THE TASK: From the records below, transcribe exactly the lines that begin at the line with "#2338 = ORIENTED_EDGE" and end at the line with "#9534 = VERTEX_POINT ( 'NONE', #22568 ) ;", both included.
*** Opening of SUPPLIED RECORDS ***
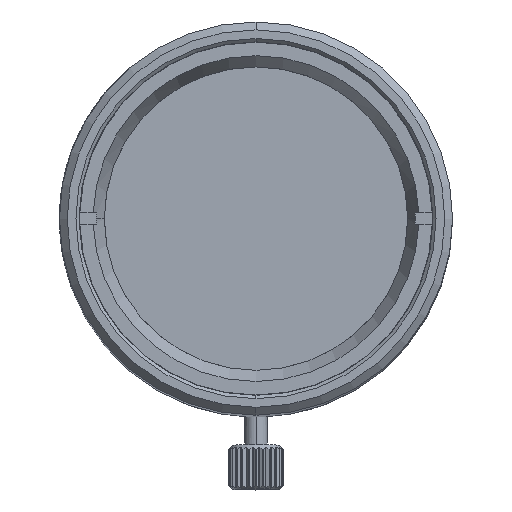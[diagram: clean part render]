
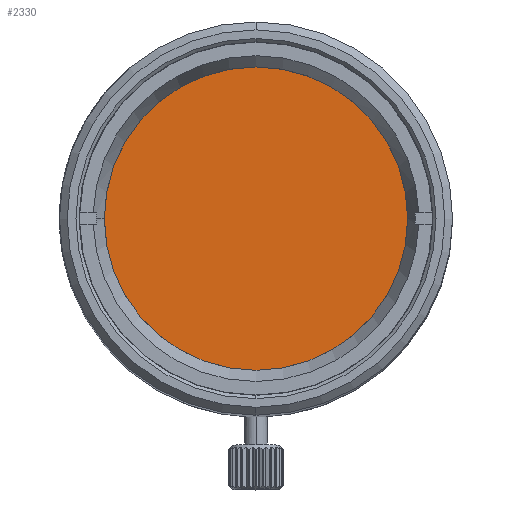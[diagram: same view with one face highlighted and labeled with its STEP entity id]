
A CAD part, top view. The second image highlights one B-rep face of the part: STEP entity #2330.
In plain terms, the highlighted planar face has unit normal (0, 0, 1).
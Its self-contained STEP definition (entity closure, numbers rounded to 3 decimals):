
#2330 = ADVANCED_FACE ( 'NONE', ( #13609 ), #13608, .F. ) ;
#2332 = ORIENTED_EDGE ( 'NONE', *, *, #22932, .T. ) ;
#2338 = ORIENTED_EDGE ( 'NONE', *, *, #9529, .T. ) ;
#2344 = EDGE_LOOP ( 'NONE', ( #2338, #2332 ) ) ;
#9484 = VERTEX_POINT ( 'NONE', #22351 ) ;
#9529 = EDGE_CURVE ( 'NONE', #9484, #9534, #22496, .T. ) ;
#9534 = VERTEX_POINT ( 'NONE', #22568 ) ;
#13599 = AXIS2_PLACEMENT_3D ( 'NONE', #13650, #13649, #13648 ) ;
#13608 = PLANE ( 'NONE',  #13599 ) ;
#13609 = FACE_OUTER_BOUND ( 'NONE', #2344, .T. ) ;
#13648 = DIRECTION ( 'NONE',  ( -1., 0., 0. ) ) ;
#13649 = DIRECTION ( 'NONE',  ( 0., 0., -1. ) ) ;
#13650 = CARTESIAN_POINT ( 'NONE',  ( 0., 0., 77.624 ) ) ;
#22351 = CARTESIAN_POINT ( 'NONE',  ( -13.571, 0., 77.624 ) ) ;
#22464 = AXIS2_PLACEMENT_3D ( 'NONE', #22511, #22510, #22509 ) ;
#22496 = CIRCLE ( 'NONE', #22464, 13.571 ) ;
#22509 = DIRECTION ( 'NONE',  ( -1., 0., 0. ) ) ;
#22510 = DIRECTION ( 'NONE',  ( 0., 0., 1. ) ) ;
#22511 = CARTESIAN_POINT ( 'NONE',  ( 0., 0., 77.624 ) ) ;
#22568 = CARTESIAN_POINT ( 'NONE',  ( 13.571, 0., 77.624 ) ) ;
#22932 = EDGE_CURVE ( 'NONE', #9534, #9484, #25865, .T. ) ;
#25854 = DIRECTION ( 'NONE',  ( 0., 0., 1. ) ) ;
#25855 = CARTESIAN_POINT ( 'NONE',  ( 0., 0., 77.624 ) ) ;
#25856 = AXIS2_PLACEMENT_3D ( 'NONE', #25855, #25854, #25919 ) ;
#25865 = CIRCLE ( 'NONE', #25856, 13.571 ) ;
#25919 = DIRECTION ( 'NONE',  ( -1., 0., 0. ) ) ;
*** Close of SUPPLIED RECORDS ***
SOLVED PROBLEM:
#2338 = ORIENTED_EDGE ( 'NONE', *, *, #9529, .T. ) ;
#2344 = EDGE_LOOP ( 'NONE', ( #2338, #2332 ) ) ;
#9484 = VERTEX_POINT ( 'NONE', #22351 ) ;
#9529 = EDGE_CURVE ( 'NONE', #9484, #9534, #22496, .T. ) ;
#9534 = VERTEX_POINT ( 'NONE', #22568 ) ;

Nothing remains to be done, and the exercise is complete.